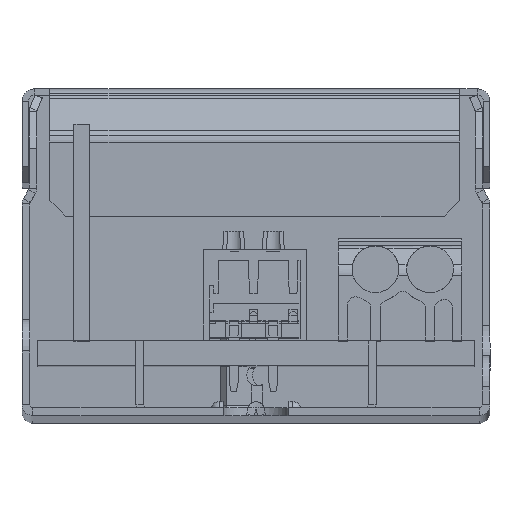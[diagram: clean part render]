
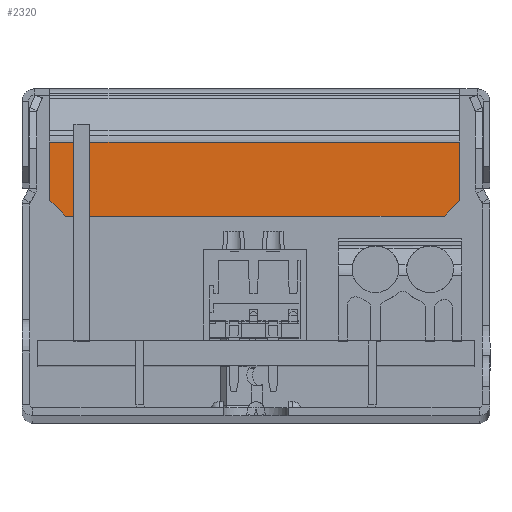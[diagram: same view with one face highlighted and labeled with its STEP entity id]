
A CAD part, top view. The second image highlights one B-rep face of the part: STEP entity #2320.
In plain terms, the highlighted planar face has unit normal (0, 0, 1).
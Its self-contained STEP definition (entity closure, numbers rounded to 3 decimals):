
#440 = CARTESIAN_POINT ( 'NONE',  ( 12.058, 12.835, 111.629 ) ) ;
#1328 = CARTESIAN_POINT ( 'NONE',  ( -12.213, 12.835, 111.629 ) ) ;
#2320 = ADVANCED_FACE ( 'NONE', ( #9930 ), #3958, .F. ) ;
#3958 = PLANE ( 'NONE',  #10747 ) ;
#4595 = DIRECTION ( 'NONE',  ( 0.707, 0.707, 0. ) ) ;
#4623 = ORIENTED_EDGE ( 'NONE', *, *, #12347, .T. ) ;
#4865 = LINE ( 'NONE', #27465, #37848 ) ;
#5259 = DIRECTION ( 'NONE',  ( -1., 0., 0. ) ) ;
#5482 = CARTESIAN_POINT ( 'NONE',  ( 13.058, 17.571, 111.629 ) ) ;
#5877 = CARTESIAN_POINT ( 'NONE',  ( -13.213, 17.84, 111.629 ) ) ;
#6860 = CARTESIAN_POINT ( 'NONE',  ( 13.058, 13.835, 111.629 ) ) ;
#8056 = LINE ( 'NONE', #5482, #30701 ) ;
#9246 = VERTEX_POINT ( 'NONE', #440 ) ;
#9930 = FACE_OUTER_BOUND ( 'NONE', #40909, .T. ) ;
#10136 = DIRECTION ( 'NONE',  ( 0., -1., 0. ) ) ;
#10557 = DIRECTION ( 'NONE',  ( 0., 0., -1. ) ) ;
#10747 = AXIS2_PLACEMENT_3D ( 'NONE', #39797, #10557, #10136 ) ;
#10801 = ORIENTED_EDGE ( 'NONE', *, *, #30587, .F. ) ;
#12347 = EDGE_CURVE ( 'NONE', #22644, #33627, #27129, .T. ) ;
#12702 = VECTOR ( 'NONE', #39166, 1000. ) ;
#13943 = EDGE_CURVE ( 'NONE', #9246, #24531, #27815, .T. ) ;
#14787 = EDGE_CURVE ( 'NONE', #33419, #29735, #8056, .T. ) ;
#17220 = VECTOR ( 'NONE', #4595, 1000. ) ;
#17579 = CARTESIAN_POINT ( 'NONE',  ( 13.058, 13.835, 111.629 ) ) ;
#18410 = LINE ( 'NONE', #37422, #28989 ) ;
#18875 = EDGE_CURVE ( 'NONE', #22644, #33419, #35101, .T. ) ;
#21720 = CARTESIAN_POINT ( 'NONE',  ( -13.213, 17.571, 111.629 ) ) ;
#22644 = VERTEX_POINT ( 'NONE', #28281 ) ;
#24531 = VERTEX_POINT ( 'NONE', #6860 ) ;
#26056 = ORIENTED_EDGE ( 'NONE', *, *, #29015, .F. ) ;
#27129 = LINE ( 'NONE', #1328, #39701 ) ;
#27465 = CARTESIAN_POINT ( 'NONE',  ( -13.213, 12.835, 111.629 ) ) ;
#27621 = DIRECTION ( 'NONE',  ( 0., -1., 0. ) ) ;
#27815 = LINE ( 'NONE', #17579, #17220 ) ;
#28281 = CARTESIAN_POINT ( 'NONE',  ( -13.213, 13.835, 111.629 ) ) ;
#28989 = VECTOR ( 'NONE', #27621, 1000. ) ;
#29015 = EDGE_CURVE ( 'NONE', #9246, #33627, #4865, .T. ) ;
#29086 = ORIENTED_EDGE ( 'NONE', *, *, #14787, .F. ) ;
#29650 = ORIENTED_EDGE ( 'NONE', *, *, #18875, .F. ) ;
#29735 = VERTEX_POINT ( 'NONE', #36916 ) ;
#30553 = DIRECTION ( 'NONE',  ( 0.707, -0.707, 0. ) ) ;
#30587 = EDGE_CURVE ( 'NONE', #29735, #24531, #18410, .T. ) ;
#30701 = VECTOR ( 'NONE', #31290, 1000. ) ;
#30808 = ORIENTED_EDGE ( 'NONE', *, *, #13943, .T. ) ;
#31290 = DIRECTION ( 'NONE',  ( 1., 0., 0. ) ) ;
#33419 = VERTEX_POINT ( 'NONE', #21720 ) ;
#33627 = VERTEX_POINT ( 'NONE', #38590 ) ;
#35101 = LINE ( 'NONE', #5877, #12702 ) ;
#36916 = CARTESIAN_POINT ( 'NONE',  ( 13.058, 17.571, 111.629 ) ) ;
#37422 = CARTESIAN_POINT ( 'NONE',  ( 13.058, 12.835, 111.629 ) ) ;
#37848 = VECTOR ( 'NONE', #5259, 1000. ) ;
#38590 = CARTESIAN_POINT ( 'NONE',  ( -12.213, 12.835, 111.629 ) ) ;
#39166 = DIRECTION ( 'NONE',  ( 0., 1., 0. ) ) ;
#39701 = VECTOR ( 'NONE', #30553, 1000. ) ;
#39797 = CARTESIAN_POINT ( 'NONE',  ( 0., -0.203, 111.629 ) ) ;
#40909 = EDGE_LOOP ( 'NONE', ( #26056, #30808, #10801, #29086, #29650, #4623 ) ) ;

::::

**Work instructions:** Please reproduce exactly the lines in the listing above from the one containing "#28989 = VECTOR ( 'NONE', #27621, 1000. ) ;" through the one containing "#30587 = EDGE_CURVE", both included, and nothing more.

**Written solution:**
#28989 = VECTOR ( 'NONE', #27621, 1000. ) ;
#29015 = EDGE_CURVE ( 'NONE', #9246, #33627, #4865, .T. ) ;
#29086 = ORIENTED_EDGE ( 'NONE', *, *, #14787, .F. ) ;
#29650 = ORIENTED_EDGE ( 'NONE', *, *, #18875, .F. ) ;
#29735 = VERTEX_POINT ( 'NONE', #36916 ) ;
#30553 = DIRECTION ( 'NONE',  ( 0.707, -0.707, 0. ) ) ;
#30587 = EDGE_CURVE ( 'NONE', #29735, #24531, #18410, .T. ) ;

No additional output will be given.